▶ [WHAT TO WORK ON] Every entry below should be written out again exactly.

=== EXERCISE INPUTS ===

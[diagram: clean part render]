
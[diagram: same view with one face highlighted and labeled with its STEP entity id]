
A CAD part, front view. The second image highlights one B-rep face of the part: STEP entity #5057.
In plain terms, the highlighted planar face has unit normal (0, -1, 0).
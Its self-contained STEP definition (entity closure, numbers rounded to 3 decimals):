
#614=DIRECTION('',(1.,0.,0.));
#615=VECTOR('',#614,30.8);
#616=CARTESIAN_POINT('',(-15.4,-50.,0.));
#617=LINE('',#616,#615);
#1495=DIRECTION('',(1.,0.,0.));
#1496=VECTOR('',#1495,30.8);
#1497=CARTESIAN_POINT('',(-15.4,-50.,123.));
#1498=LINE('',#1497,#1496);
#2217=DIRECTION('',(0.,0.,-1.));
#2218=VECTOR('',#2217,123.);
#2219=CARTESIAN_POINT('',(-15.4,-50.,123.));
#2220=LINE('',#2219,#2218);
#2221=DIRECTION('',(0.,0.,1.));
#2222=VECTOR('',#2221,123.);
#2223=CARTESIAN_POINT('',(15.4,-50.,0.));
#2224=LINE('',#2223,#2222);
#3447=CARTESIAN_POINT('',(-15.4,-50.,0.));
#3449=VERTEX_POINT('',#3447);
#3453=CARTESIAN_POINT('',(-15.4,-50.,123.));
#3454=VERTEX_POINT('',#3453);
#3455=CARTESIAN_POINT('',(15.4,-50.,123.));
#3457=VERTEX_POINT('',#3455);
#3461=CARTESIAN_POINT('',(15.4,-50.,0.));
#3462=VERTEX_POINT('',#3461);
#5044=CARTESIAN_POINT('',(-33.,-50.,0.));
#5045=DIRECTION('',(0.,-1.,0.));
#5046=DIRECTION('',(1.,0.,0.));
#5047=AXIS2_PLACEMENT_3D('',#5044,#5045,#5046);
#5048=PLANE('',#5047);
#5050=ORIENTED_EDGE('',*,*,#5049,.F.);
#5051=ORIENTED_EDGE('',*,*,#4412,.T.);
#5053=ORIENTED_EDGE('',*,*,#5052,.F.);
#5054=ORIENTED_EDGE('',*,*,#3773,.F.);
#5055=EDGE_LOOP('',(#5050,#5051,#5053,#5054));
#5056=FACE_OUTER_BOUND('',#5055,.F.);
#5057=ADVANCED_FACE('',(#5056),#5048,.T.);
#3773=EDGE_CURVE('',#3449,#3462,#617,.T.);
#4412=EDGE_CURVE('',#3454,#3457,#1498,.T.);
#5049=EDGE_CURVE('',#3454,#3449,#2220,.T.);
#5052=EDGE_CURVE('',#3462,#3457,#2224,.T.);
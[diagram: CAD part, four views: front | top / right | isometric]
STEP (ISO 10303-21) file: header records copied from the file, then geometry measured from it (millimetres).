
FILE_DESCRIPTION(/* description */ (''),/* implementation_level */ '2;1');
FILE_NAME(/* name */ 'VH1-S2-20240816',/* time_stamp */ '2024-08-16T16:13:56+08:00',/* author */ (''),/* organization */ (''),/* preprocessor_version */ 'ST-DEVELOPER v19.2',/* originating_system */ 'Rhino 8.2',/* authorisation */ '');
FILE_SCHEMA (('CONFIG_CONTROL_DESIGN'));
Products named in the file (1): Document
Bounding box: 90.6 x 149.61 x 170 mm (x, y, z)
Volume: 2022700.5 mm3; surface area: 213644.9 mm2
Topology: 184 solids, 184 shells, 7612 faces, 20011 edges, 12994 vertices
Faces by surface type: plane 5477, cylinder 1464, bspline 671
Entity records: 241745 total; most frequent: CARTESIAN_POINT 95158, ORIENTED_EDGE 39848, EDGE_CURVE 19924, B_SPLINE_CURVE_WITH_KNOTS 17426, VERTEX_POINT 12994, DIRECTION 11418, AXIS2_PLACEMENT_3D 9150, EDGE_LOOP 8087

===

▶ [ANSWER FOR THIS EXERCISE]
[diagram: clean part render]
[diagram: same view with one face highlighted and labeled with its STEP entity id]
A CAD part, front view. The second image highlights one B-rep face of the part: STEP entity #5057.
In plain terms, the highlighted planar face has unit normal (0, -1, 0).
Its self-contained STEP definition (entity closure, numbers rounded to 3 decimals):
#614=DIRECTION('',(1.,0.,0.));
#615=VECTOR('',#614,30.8);
#616=CARTESIAN_POINT('',(-15.4,-50.,0.));
#617=LINE('',#616,#615);
#1495=DIRECTION('',(1.,0.,0.));
#1496=VECTOR('',#1495,30.8);
#1497=CARTESIAN_POINT('',(-15.4,-50.,123.));
#1498=LINE('',#1497,#1496);
#2217=DIRECTION('',(0.,0.,-1.));
#2218=VECTOR('',#2217,123.);
#2219=CARTESIAN_POINT('',(-15.4,-50.,123.));
#2220=LINE('',#2219,#2218);
#2221=DIRECTION('',(0.,0.,1.));
#2222=VECTOR('',#2221,123.);
#2223=CARTESIAN_POINT('',(15.4,-50.,0.));
#2224=LINE('',#2223,#2222);
#3447=CARTESIAN_POINT('',(-15.4,-50.,0.));
#3449=VERTEX_POINT('',#3447);
#3453=CARTESIAN_POINT('',(-15.4,-50.,123.));
#3454=VERTEX_POINT('',#3453);
#3455=CARTESIAN_POINT('',(15.4,-50.,123.));
#3457=VERTEX_POINT('',#3455);
#3461=CARTESIAN_POINT('',(15.4,-50.,0.));
#3462=VERTEX_POINT('',#3461);
#5044=CARTESIAN_POINT('',(-33.,-50.,0.));
#5045=DIRECTION('',(0.,-1.,0.));
#5046=DIRECTION('',(1.,0.,0.));
#5047=AXIS2_PLACEMENT_3D('',#5044,#5045,#5046);
#5048=PLANE('',#5047);
#5050=ORIENTED_EDGE('',*,*,#5049,.F.);
#5051=ORIENTED_EDGE('',*,*,#4412,.T.);
#5053=ORIENTED_EDGE('',*,*,#5052,.F.);
#5054=ORIENTED_EDGE('',*,*,#3773,.F.);
#5055=EDGE_LOOP('',(#5050,#5051,#5053,#5054));
#5056=FACE_OUTER_BOUND('',#5055,.F.);
#5057=ADVANCED_FACE('',(#5056),#5048,.T.);
#3773=EDGE_CURVE('',#3449,#3462,#617,.T.);
#4412=EDGE_CURVE('',#3454,#3457,#1498,.T.);
#5049=EDGE_CURVE('',#3454,#3449,#2220,.T.);
#5052=EDGE_CURVE('',#3462,#3457,#2224,.T.);
[diagram: CAD part, four views: front | top / right | isometric]
STEP (ISO 10303-21) file: header records copied from the file, then geometry measured from it (millimetres).
FILE_DESCRIPTION(/* description */ (''),/* implementation_level */ '2;1');
FILE_NAME(/* name */ 'VH1-S2-20240816',/* time_stamp */ '2024-08-16T16:13:56+08:00',/* author */ (''),/* organization */ (''),/* preprocessor_version */ 'ST-DEVELOPER v19.2',/* originating_system */ 'Rhino 8.2',/* authorisation */ '');
FILE_SCHEMA (('CONFIG_CONTROL_DESIGN'));
Products named in the file (1): Document
Bounding box: 90.6 x 149.61 x 170 mm (x, y, z)
Volume: 2022700.5 mm3; surface area: 213644.9 mm2
Topology: 184 solids, 184 shells, 7612 faces, 20011 edges, 12994 vertices
Faces by surface type: plane 5477, cylinder 1464, bspline 671
Entity records: 241745 total; most frequent: CARTESIAN_POINT 95158, ORIENTED_EDGE 39848, EDGE_CURVE 19924, B_SPLINE_CURVE_WITH_KNOTS 17426, VERTEX_POINT 12994, DIRECTION 11418, AXIS2_PLACEMENT_3D 9150, EDGE_LOOP 8087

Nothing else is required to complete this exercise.